The Ppant-modified 351-PCP-R structure reveals a previously unobserved conformation.A, the position of PCP domain of 351-PCP–R compared with the PCP domain of CAR–PCP–R (20) following structural alignment of the reductase domains (351-PCP–R—blue, cyan, and red; CAR–PCP–R—magenta). The 351-PCP–R domain is shown in surface representation (blue and cyan). NADPH from CAR–PCP–R (magenta) is shown. B, comparison of the position of Ppant in Ppant-modified 351-PCP–R and CAR–PCP–R following structural alignment of the reductase domains.
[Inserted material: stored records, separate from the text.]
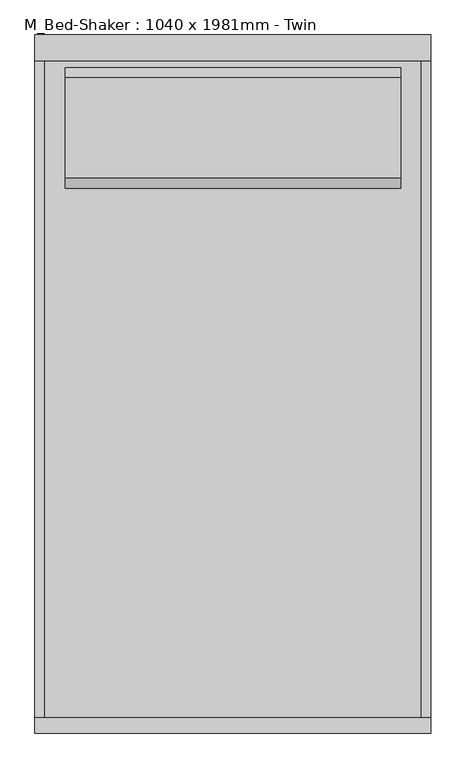
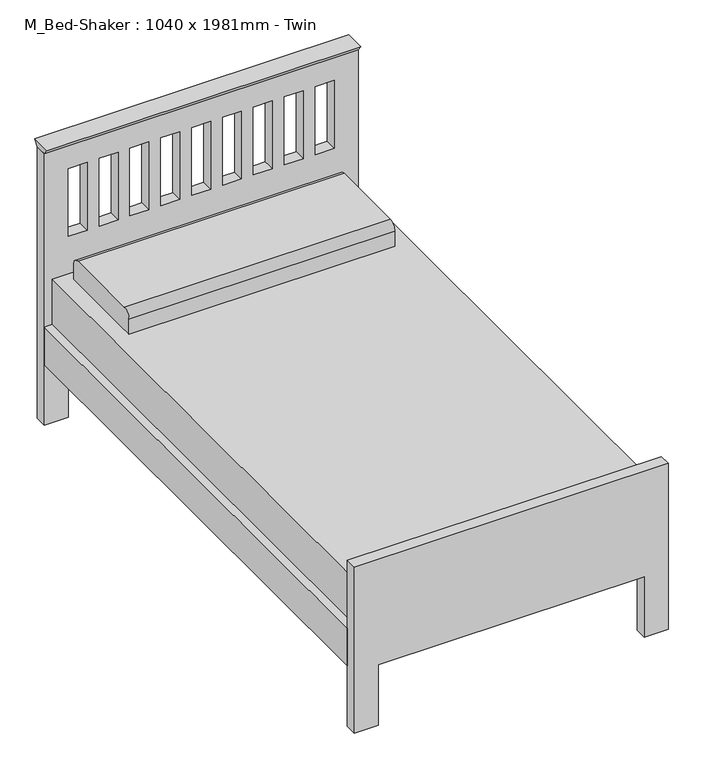
"""IFC4 building model written with IfcOpenShell, lengths in millimetres: furniture geometry, M_Bed-Shaker : 1040 x 1981mm - Twin."""

from ifc_helpers import new_model, si_unit, point, frame, frame_2d, origin, place, context, project, spatial, polyline, circle_curve, trimmed, segment, composite_curve, outline, extrude, source, transform, mapped, element, save


def m_bed_shaker_1040_x_1981mm_twin_8a9c4475(model_context):
    return source(origin(), model_context, "Body", "SweptSolid", [
        extrude(outline(polyline([(-38.1, 914.4), (-51.9545455, 933.45), (13.8545455, 933.45), (0.0, 914.4), (-38.1, 914.4)])), frame((-518.8365546, 0.0, 0.0), z_axis=(1.0, 0.0, 0.0), x_axis=(0.0, 1.0, 0.0)), (0.0, 0.0, 1.0), 1000.0533613),
        extrude(outline(composite_curve([segment(polyline([(-373.2486637, 482.6), (-373.2486637, 533.4)]), True, "CONTINUOUS"), segment(trimmed(circle_curve(frame_2d((-347.8486637, 533.4)), 25.4), [point((-373.2486637, 533.4))], [point((-347.8486637, 558.8))], False, "CARTESIAN"), True, "CONTINUOUS"), segment(polyline([(-347.8486637, 558.8), (-93.8486637, 558.8)]), True, "CONTINUOUS"), segment(trimmed(circle_curve(frame_2d((-93.8486637, 533.4)), 25.4), [point((-93.8486637, 558.8))], [point((-68.4486637, 533.4))], False, "CARTESIAN"), True, "CONTINUOUS"), segment(polyline([(-68.4486637, 533.4), (-68.4486637, 482.6), (-373.2486637, 482.6)]), True, "CONTINUOUS")], self_intersect=False)), frame((-442.85, 0.0, 0.0), z_axis=(1.0, 0.0, 0.0), x_axis=(0.0, 1.0, 0.0)), (0.0, 0.0, 1.0), 847.6),
        extrude(outline(polyline([(455.55, -38.1), (455.55, -1711.9), (-493.65, -1711.9), (-493.65, -38.1), (455.55, -38.1)])), frame((0.0, 0.0, 228.6), z_axis=(0.0, 0.0, 1.0), x_axis=(1.0, 0.0, 0.0)), (0.0, 0.0, 1.0), 254.0),
        extrude(outline(polyline([(455.55, -1711.9), (455.55, -38.1), (480.95, -38.1), (480.95, -1711.9), (455.55, -1711.9)])), frame((0.0, 0.0, 203.0994861), z_axis=(0.0, 0.0, 1.0), x_axis=(1.0, 0.0, 0.0)), (0.0, 0.0, 1.0), 127.0),
        extrude(outline(polyline([(-519.05, -1711.9), (-519.05, -38.1), (-493.65, -38.1), (-493.65, -1711.9), (-519.05, -1711.9)])), frame((0.0, 0.0, 203.5755296), z_axis=(0.0, 0.0, 1.0), x_axis=(1.0, 0.0, 0.0)), (0.0, 0.0, 1.0), 127.0),
        extrude(outline(polyline([(0.0, -442.85), (203.2, -442.85), (203.2, 404.75), (0.0, 404.75), (0.0, 480.95), (558.8, 480.95), (558.8, -519.05), (0.0, -519.05), (0.0, -442.85)])), frame((0.0, -1750.0, 0.0), z_axis=(0.0, 1.0, 0.0), x_axis=(0.0, 0.0, 1.0)), (0.0, 0.0, 1.0), 38.1),
        extrude(outline(polyline([(914.4, 481.2168067), (914.4, -518.8365546), (0.0, -518.8365546), (0.0, -442.85), (203.2, -442.85), (203.2, 404.75), (0.0, 404.75), (0.0, 481.2168067), (914.4, 481.2168067)]), holes=[polyline([(838.2, -382.5388889), (609.6, -382.5388889), (609.6, -442.85), (838.2, -442.85), (838.2, -382.5388889)]), polyline([(838.2, -284.1277778), (609.6, -284.1277778), (609.6, -344.4388889), (838.2, -344.4388889), (838.2, -284.1277778)]), polyline([(838.2, -185.7166667), (609.6, -185.7166667), (609.6, -246.0277778), (838.2, -246.0277778), (838.2, -185.7166667)]), polyline([(838.2, -87.3055556), (609.6, -87.3055556), (609.6, -147.6166667), (838.2, -147.6166667), (838.2, -87.3055556)]), polyline([(838.2, 109.5166667), (609.6, 109.5166667), (609.6, 49.2055556), (838.2, 49.2055556), (838.2, 109.5166667)]), polyline([(838.2, 207.9277778), (609.6, 207.9277778), (609.6, 147.6166667), (838.2, 147.6166667), (838.2, 207.9277778)]), polyline([(838.2, 306.3388889), (609.6, 306.3388889), (609.6, 246.0277778), (838.2, 246.0277778), (838.2, 306.3388889)]), polyline([(838.2, 404.75), (609.6, 404.75), (609.6, 344.4388889), (838.2, 344.4388889), (838.2, 404.75)]), polyline([(838.2, 11.1055556), (609.6, 11.1055556), (609.6, -49.2055556), (838.2, -49.2055556), (838.2, 11.1055556)])]), frame((0.0, -38.1, 0.0), z_axis=(0.0, 1.0, 0.0), x_axis=(0.0, 0.0, 1.0)), (0.0, 0.0, 1.0), 38.1),
    ])


if __name__ == "__main__":
    model = new_model("IFC4")
    model_context = context("Model", 3, world=origin())
    ifc_project = project(units=[si_unit("LENGTHUNIT", "METRE", prefix="MILLI")], contexts=[model_context])
    site = spatial("IfcSite", under=ifc_project)
    building = spatial("IfcBuilding", under=site)
    placement = place(None, origin())
    m_bed_shaker_1040_x_1981mm_twin_shape = m_bed_shaker_1040_x_1981mm_twin_8a9c4475(model_context)
    element("IfcFurniture", 1, ObjectType="M_Bed-Shaker : 1040 x 1981mm - Twin", at=placement, inside=building, context=model_context, shape_type="MappedRepresentation", body=[
        mapped(m_bed_shaker_1040_x_1981mm_twin_shape, transform((0.0, 0.0, 0.0), x_axis=(1.0, 0.0, 0.0), y_axis=(0.0, 1.0, 0.0), z_axis=(0.0, 0.0, 1.0))),
    ])
    save(model, "model.ifc")

# Revit data of these elements
# Type "M_Bed-Shaker : 1040 x 1981mm - Twin"
#   Length = 1.75 m
#   Width = 1 m
#   Frame Material = Birch
#   Mattress Material = Linen, White
# Element 1 (IfcFurniture, "M_Bed-Shaker : 1040 x 1981mm - Twin")
#   Materials on its faces: "Birch", "Linen, White"
# Materials
#   "Birch": class "Wood", colour RGB 224 178 126, transparency 0, Description = "Betula Alleghaniensis", Cost = 0
#   "Linen, White": class "Textile", colour RGB 247 247 239, transparency 0, Description = "Linen, white", Cost = 0
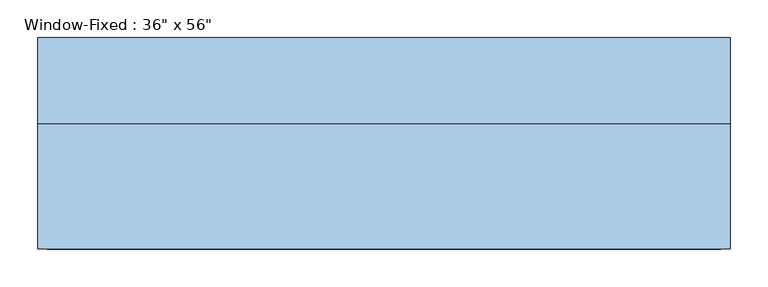
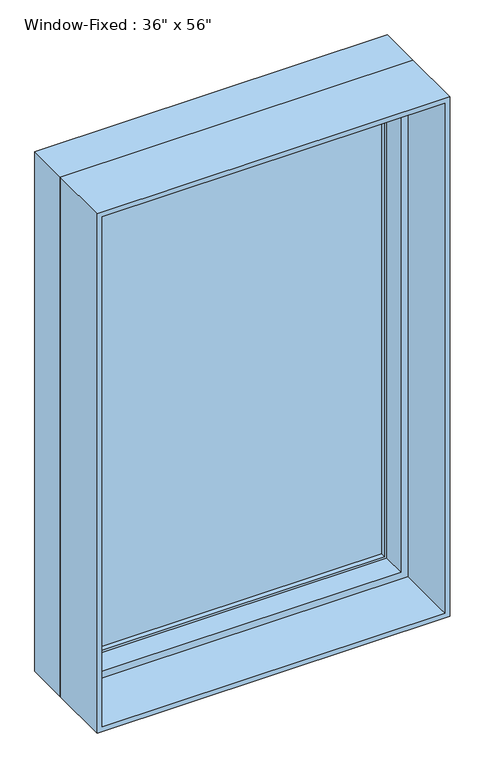
"""IFC4 building model written with IfcOpenShell, lengths in millimetres: window geometry."""

import ifcopenshell
import ifcopenshell.guid

model = None  # the IFC model being written
_history = None  # IfcOwnerHistory: only IFC2X3 demands one
_inside = {}  # id of a spatial element -> (the spatial element, [elements in it])
_under = {}  # id of a project, library or spatial element -> (it, [spatial elements below it])
_declared = {}  # id of a project -> (the project, [libraries it declares])
_typed = {}  # id of a type object -> (the type object, [elements of that type])
_made_of = {}  # id of a material, layer set ... -> (it, [elements and type objects made of it])


def new_model(schema):
    """Start an empty IFC model of exactly this schema.

    Asked for "IFC4X3", IfcOpenShell would pick the latest addendum, in which some entities
    have other attributes; the version numbers below select the first issue.
    IFC2X3 requires an IfcOwnerHistory on every rooted entity: one is made here for all.
    """
    global model, _history
    if schema == "IFC4X3":
        model = ifcopenshell.file(schema_version=(4, 3, 0, 0))
    else:
        model = ifcopenshell.file(schema=schema)
    _inside.clear()
    _under.clear()
    _declared.clear()
    _typed.clear()
    _made_of.clear()
    _history = None
    if model.schema == "IFC2X3":
        org = make("IfcOrganization", Name="unknown")
        user = make(
            "IfcPersonAndOrganization",
            ThePerson=make("IfcPerson", FamilyName="unknown"),
            TheOrganization=org,
        )
        app = make(
            "IfcApplication",
            ApplicationDeveloper=org,
            Version="unknown",
            ApplicationFullName="unknown",
            ApplicationIdentifier="unknown",
        )
        _history = make(
            "IfcOwnerHistory",
            OwningUser=user,
            OwningApplication=app,
            ChangeAction="ADDED",
            CreationDate=0,
        )
    return model


def make(cls, **values):
    """One entity of the class cls with the attributes given. An attribute that is None is left unset."""
    return model.create_entity(
        cls, **{name: value for name, value in values.items() if value is not None}
    )


def rooted(cls, **values):
    """An entity with a GlobalId (a new one), such as an element, a storey or a relation."""
    return make(cls, GlobalId=ifcopenshell.guid.new(), OwnerHistory=_history, **values)


def si_unit(unit_type, name, prefix=None):
    """IfcSIUnit, for example si_unit("LENGTHUNIT", "METRE", prefix="MILLI")."""
    return make("IfcSIUnit", UnitType=unit_type, Prefix=prefix, Name=name)


def assignment(units):
    """IfcUnitAssignment: the units of a project."""
    return None if units is None else make("IfcUnitAssignment", Units=units)


def point(xyz):
    """IfcCartesianPoint."""
    return None if xyz is None else make("IfcCartesianPoint", Coordinates=xyz)


def direction(xyz):
    """IfcDirection."""
    return None if xyz is None else make("IfcDirection", DirectionRatios=xyz)


def frame(location, z_axis=None, x_axis=None):
    """IfcAxis2Placement3D, a coordinate frame: its origin and axes. An axis left out is left unset."""
    return make(
        "IfcAxis2Placement3D",
        Location=point(location),
        Axis=direction(z_axis),
        RefDirection=direction(x_axis),
    )


def origin():
    """The frame at (0, 0, 0) with its axes left unset."""
    return frame((0.0, 0.0, 0.0))


def place(relative_to, where):
    """IfcLocalPlacement: puts the frame where relative to a parent placement (None: the world)."""
    return make(
        "IfcLocalPlacement", PlacementRelTo=relative_to, RelativePlacement=where
    )


def context(
    kind, dimensions, precision=None, world=None, true_north=None, identifier=None
):
    """IfcGeometricRepresentationContext, for example the 3D "Model" context."""
    return make(
        "IfcGeometricRepresentationContext",
        ContextIdentifier=identifier,
        ContextType=kind,
        CoordinateSpaceDimension=dimensions,
        Precision=precision,
        WorldCoordinateSystem=world,
        TrueNorth=true_north,
    )


def project(units=None, contexts=None):
    """IfcProject with its units and contexts."""
    return rooted(
        "IfcProject",
        Name="project",
        RepresentationContexts=contexts,
        UnitsInContext=assignment(units),
    )


def spatial(cls, under=None, at=None, **own):
    """A site, building, storey or space (cls), placed at a placement, below another one or the project."""
    s = rooted(cls, ObjectPlacement=at, **own)
    if under is not None:
        _under.setdefault(under.id(), (under, []))[1].append(s)
    return s


def polyline(points):
    """IfcPolyline through the points."""
    return make("IfcPolyline", Points=[point(p) for p in points])


def outline(outer, holes=None, kind="AREA"):
    """IfcArbitraryClosedProfileDef: a profile drawn as a closed curve; with holes, ...WithVoids."""
    if holes is None:
        return make("IfcArbitraryClosedProfileDef", ProfileType=kind, OuterCurve=outer)
    return make(
        "IfcArbitraryProfileDefWithVoids",
        ProfileType=kind,
        OuterCurve=outer,
        InnerCurves=holes,
    )


def extrude(swept, where, along, depth):
    """IfcExtrudedAreaSolid: the profile swept, set in the frame where, extruded along a direction by depth."""
    return make(
        "IfcExtrudedAreaSolid",
        SweptArea=swept,
        Position=where,
        ExtrudedDirection=direction(along),
        Depth=depth,
    )


def faces_of(points, faces, orient=None, outer=None):
    """IfcFace entities. A face is a list of loops; a loop is a list of indices into points, from 0.

    orient and outer hold one flag for each loop. By default every Orientation is true, the
    first loop of a face is its IfcFaceOuterBound and the others are IfcFaceBound.
    """
    made = []
    for i, loops in enumerate(faces):
        bounds = []
        for j, loop in enumerate(loops):
            is_outer = j == 0 if outer is None else outer[i][j]
            bounds.append(
                make(
                    "IfcFaceOuterBound" if is_outer else "IfcFaceBound",
                    Bound=make("IfcPolyLoop", Polygon=[points[k] for k in loop]),
                    Orientation=True if orient is None else orient[i][j],
                )
            )
        made.append(make("IfcFace", Bounds=bounds))
    return made


def faceted_brep(points, faces, orient=None, outer=None, voids=None):
    """IfcFacetedBrep: a solid bounded by flat faces; with voids (closed shells), ...WithVoids."""
    shared = [point(p) for p in points]
    hull = make("IfcClosedShell", CfsFaces=faces_of(shared, faces, orient, outer))
    if voids is None:
        return make("IfcFacetedBrep", Outer=hull)
    return make(
        "IfcFacetedBrepWithVoids",
        Outer=hull,
        Voids=[
            make(cls, CfsFaces=faces_of(shared, fs, o, b)) for cls, fs, o, b in voids
        ],
    )


def shape(context_of_items, identifier, shape_type, items):
    """IfcShapeRepresentation: the items that make up one representation, for example the "Body"."""
    return make(
        "IfcShapeRepresentation",
        ContextOfItems=context_of_items,
        RepresentationIdentifier=identifier,
        RepresentationType=shape_type,
        Items=items,
    )


def source(mapping_origin, context_of_items, identifier, shape_type, items):
    """IfcRepresentationMap: a shape defined once, which mapped items show again and again."""
    return make(
        "IfcRepresentationMap",
        MappingOrigin=mapping_origin,
        MappedRepresentation=shape(context_of_items, identifier, shape_type, items),
    )


def transform(
    local_origin,
    x_axis=None,
    y_axis=None,
    z_axis=None,
    scale=None,
    scale2=None,
    scale3=None,
    uniform=True,
):
    """IfcCartesianTransformationOperator3D, or its non-uniform kind. x_axis, y_axis, z_axis: its Axis1, 2, 3."""
    if uniform:
        return make(
            "IfcCartesianTransformationOperator3D",
            Axis1=direction(x_axis),
            Axis2=direction(y_axis),
            LocalOrigin=point(local_origin),
            Scale=scale,
            Axis3=direction(z_axis),
        )
    return make(
        "IfcCartesianTransformationOperator3DnonUniform",
        Axis1=direction(x_axis),
        Axis2=direction(y_axis),
        LocalOrigin=point(local_origin),
        Scale=scale,
        Axis3=direction(z_axis),
        Scale2=scale2,
        Scale3=scale3,
    )


def mapped(mapping_source, mapping_target):
    """IfcMappedItem: shows the shape of a source again, moved by a transform."""
    return make(
        "IfcMappedItem", MappingSource=mapping_source, MappingTarget=mapping_target
    )


def made_of(thing, what):
    """Note that an element or type object is made of a material, layer set ...; save() writes the relation."""
    if what is not None:
        _made_of.setdefault(what.id(), (what, []))[1].append(thing)
    return thing


def element(
    cls,
    number,
    at=None,
    inside=None,
    cuts=None,
    type_object=None,
    material=None,
    context=None,
    identifier="Body",
    shape_type=None,
    held_by="IfcProductDefinitionShape",
    body=None,
    shapes=None,
    **own,
):
    """One element of the class cls, such as IfcWall. Its Tag is "e" and its number.

    at: its placement. inside: the storey or other place that contains it. cuts: it is an
    opening in that element (IfcRelVoidsElement). A single representation is given by context,
    identifier, shape_type and body (its items); several are given by shapes. held_by: the class
    of the entity that holds the representations. save() writes the other relations.
    """
    e = rooted(cls, Tag="e%d" % number, ObjectPlacement=at, **own)
    if body is not None:
        shapes = [shape(context, identifier, shape_type, body)]
    if shapes is not None:
        e.Representation = make(held_by, Representations=shapes)
    if inside is not None:
        _inside.setdefault(inside.id(), (inside, []))[1].append(e)
    if cuts is not None:
        rooted(
            "IfcRelVoidsElement", RelatingBuildingElement=cuts, RelatedOpeningElement=e
        )
    if type_object is not None:
        _typed.setdefault(type_object.id(), (type_object, []))[1].append(e)
    return made_of(e, material)


def aggregate(whole, parts):
    """IfcRelAggregates: a whole, such as a stair, and the parts it consists of."""
    return rooted("IfcRelAggregates", RelatingObject=whole, RelatedObjects=parts)


def save(model, path):
    """Write the relations noted so far, then the file.

    IfcRelAggregates (storeys below a building ...), IfcRelContainedInSpatialStructure (elements
    in a storey), IfcRelDefinesByType, IfcRelAssociatesMaterial and IfcRelDeclares: one each for
    every whole, place, type object, material and project.
    """
    for whole, parts in _under.values():
        aggregate(whole, parts)
    for where, things in _inside.values():
        rooted(
            "IfcRelContainedInSpatialStructure",
            RelatedElements=things,
            RelatingStructure=where,
        )
    for kind, things in _typed.values():
        rooted("IfcRelDefinesByType", RelatedObjects=things, RelatingType=kind)
    for what, things in _made_of.values():
        rooted("IfcRelAssociatesMaterial", RelatedObjects=things, RelatingMaterial=what)
    for by, libraries in _declared.values():
        rooted("IfcRelDeclares", RelatingContext=by, RelatedDefinitions=libraries)
    model.write(path)


def window_fe4c84aa(model_context):
    return source(origin(), model_context, "Body", "SolidModel", [
        extrude(outline(polyline([(419.1, 104.775), (419.1, 98.425), (-419.1, 98.425), (-419.1, 104.775), (419.1, 104.775)])), frame((0.0, 0.0, 952.5), z_axis=(0.0, 0.0, 1.0), x_axis=(1.0, 0.0, 0.0)), (0.0, 0.0, 1.0), 1346.2),
        extrude(outline(polyline([(-419.1, 85.725), (-419.1, 92.075), (419.1, 92.075), (419.1, 85.725), (-419.1, 85.725)])), frame((0.0, 0.0, 952.5), z_axis=(0.0, 0.0, 1.0), x_axis=(1.0, 0.0, 0.0)), (0.0, 0.0, 1.0), 1346.2),
        extrude(outline(polyline([(927.1, 444.5), (2324.1, 444.5), (2324.1, -444.5), (927.1, -444.5), (927.1, 444.5)]), holes=[polyline([(952.5, -419.1), (2298.7, -419.1), (2298.7, 419.1), (952.5, 419.1), (952.5, -419.1)])]), frame((0.0, 73.025, 0.0), z_axis=(0.0, 1.0, 0.0), x_axis=(0.0, 0.0, 1.0)), (0.0, 0.0, 1.0), 44.45),
        extrude(outline(polyline([(2336.8, -457.2), (914.4, -457.2), (914.4, 457.2), (2336.8, 457.2), (2336.8, -457.2)]), holes=[polyline([(2324.1, 444.5), (927.1, 444.5), (927.1, -444.5), (2324.1, -444.5), (2324.1, 444.5)])]), frame((0.0, -155.575, 0.0), z_axis=(0.0, 1.0, 0.0), x_axis=(0.0, 0.0, 1.0)), (0.0, 0.0, 1.0), 165.1),
        faceted_brep([(457.2, 9.525, 2336.8), (457.2, 123.825, 2336.8), (-457.2, 123.825, 2336.8), (-457.2, 9.525, 2336.8), (-457.2, 123.825, 914.4), (-457.2, 9.525, 914.4), (457.2, 123.825, 914.4), (457.2, 9.525, 914.4), (425.45, 9.525, 2305.05), (425.45, 9.525, 946.15), (-425.45, 9.525, 946.15), (-425.45, 9.525, 2305.05), (-444.5, 123.825, 2324.1), (-444.5, 123.825, 927.1), (444.5, 123.825, 927.1), (444.5, 123.825, 2324.1), (425.45, 73.025, 2305.05), (-425.45, 73.025, 2305.05), (444.5, 73.025, 2324.1), (-444.5, 73.025, 2324.1), (-425.45, 73.025, 946.15), (-444.5, 73.025, 927.1), (425.45, 73.025, 946.15), (444.5, 73.025, 927.1)], [[[0, 1, 2, 3]], [[3, 2, 4, 5]], [[5, 4, 6, 7]], [[3, 5, 7, 0], [8, 9, 10, 11]], [[7, 6, 1, 0]], [[1, 6, 4, 2], [12, 13, 14, 15]], [[16, 8, 11, 17]], [[15, 18, 19, 12]], [[17, 11, 10, 20]], [[12, 19, 21, 13]], [[20, 10, 9, 22]], [[13, 21, 23, 14]], [[22, 9, 8, 16]], [[18, 23, 21, 19], [17, 20, 22, 16]], [[14, 23, 18, 15]]]),
    ])


if __name__ == "__main__":
    model = new_model("IFC4")
    model_context = context("Model", 3, world=origin())
    ifc_project = project(units=[si_unit("LENGTHUNIT", "METRE", prefix="MILLI")], contexts=[model_context])
    site = spatial("IfcSite", under=ifc_project)
    building = spatial("IfcBuilding", under=site)
    placement = place(None, origin())
    window_shape = window_fe4c84aa(model_context)
    element("IfcWindow", 1, ObjectType="Window-Fixed : 36\" x 56\"", at=placement, inside=building, context=model_context, shape_type="MappedRepresentation", body=[
        mapped(window_shape, transform((0.0, 0.0, 0.0), x_axis=(1.0, 0.0, 0.0), y_axis=(0.0, 1.0, 0.0), z_axis=(0.0, 0.0, 1.0))),
    ])
    save(model, "model.ifc")

# Revit data of these elements
# Type "Window-Fixed : 36\" x 56\""
#   Type Mark = "22"
#   Fire Rating = "0.5h"
#   Assembly Code = "B2020100"
#   Analytic Construction = "Double glazing - domestic"
#   Window Inset [instance default] = 0' - 0"
#   Wall Thickness [instance default] = 0' - 6"
#   Visual Light Transmittance = 0.81
#   Thermal Resistance (R) = 1.8146 (h·ft²·°F)/BTU
#   Solar Heat Gain Coefficient = 0.76
#   Rough Width = 3' - 0 1/2"
#   Rough Height = 4' - 8 1/2"
#   Interior Wall Closure [instance default] = 0' - 2 1/4"
#   Height = 4' - 8"
#   Heat Transfer Coefficient (U) = 0.5511 BTU/(h·ft²·°F)
#   Frame Extension [instance default] = 0' - 0 1/4"
#   Exterior Wall Closure [instance default] = 0' - 1 1/4"
#   Extension Jamb [instance default] = 0' - 2 1/4"
#   Default Sill Height = 3' - 0"
#   Width = 3' - 0"
#   Muntin Visibility = yes
#   Interior Trim Visibility [instance default] = yes
#   Exterior Trim Visibility [instance default] = yes
#   Extension Jamb Visibility [instance default] = yes
#   Muntin Pattern = Muntin Pattern_2x2 : Muntin Pattern_2x2
#   Interior Trim Material = Wood - Stained
#   Interior Trim = Trim-Window-Interior-Flat : Picture Frame
#   Interior Frame Material = Wood - Stained
#   Glass Panel Material = Glass
#   Exterior Trim Material = Clad - White
#   Exterior Trim = Trim-Window-Exterior-Flat : with Sill
#   Exterior Frame Material = Clad - White
#   Wall Closure = (empty or 0)
# Element 1 (IfcWindow, "Window-Fixed : 36\" x 56\"")
#   Window Inset = 0' - 2"
#   Wall Thickness = 1' - 0 1/4"
#   Exterior Wall Closure = 0' - 5 1/2"
#   Extension Jamb = 0' - 6 1/2"
#   Exterior Trim Visibility = no
#   Materials on its faces: "Wood - Stained", "Glass", "Clad - White"
# Materials
#   "Wood - Stained": class "Wood", colour RGB 224 178 126, transparency 0, Cost = 0
#   "Glass": class "Glass", colour RGB 0 128 192, transparency 0.75, Description = "Soda Lime Glass", Cost = 0
#   "Clad - White": class "Wood", colour RGB 242 242 238, transparency 0, Cost = 0

CAR–PCP–R, carboxylic acid reductase–peptide carrier protein–reductase; Ppant, 4′-phosphopantetheine.

Figure 6

The 351-peptide carrier protein–reductase domain interface. Interacting residues in the peptide carrier protein domain (red), reductase C-terminal subdomain (cyan), and gating loop (blue) are shown in stick representation. Hydrogen bonds are shown as black dotted lines.

Figure 7

The interactions between the Ppant group and 351-peptide carrier protein–reductase protein.A, the interactions between Ppant group and peptide carrier protein domain (red), reductase C-terminal subdomain (cyan), and gating loop residues (blue). Hydrogen bonds are shown as black dotted lines. B, Ppant interface diagram calculated by LigPlot+ (55). Residues involved in hydrogen bonding and hydrophobic interactions with Ppant are represented in green and red, respectively. Hydrogen bonds between atoms are shown as black dotted lines. Ppant, 4′-phosphopantetheine; Ppant GEM, geminal dimethyl group of Ppant.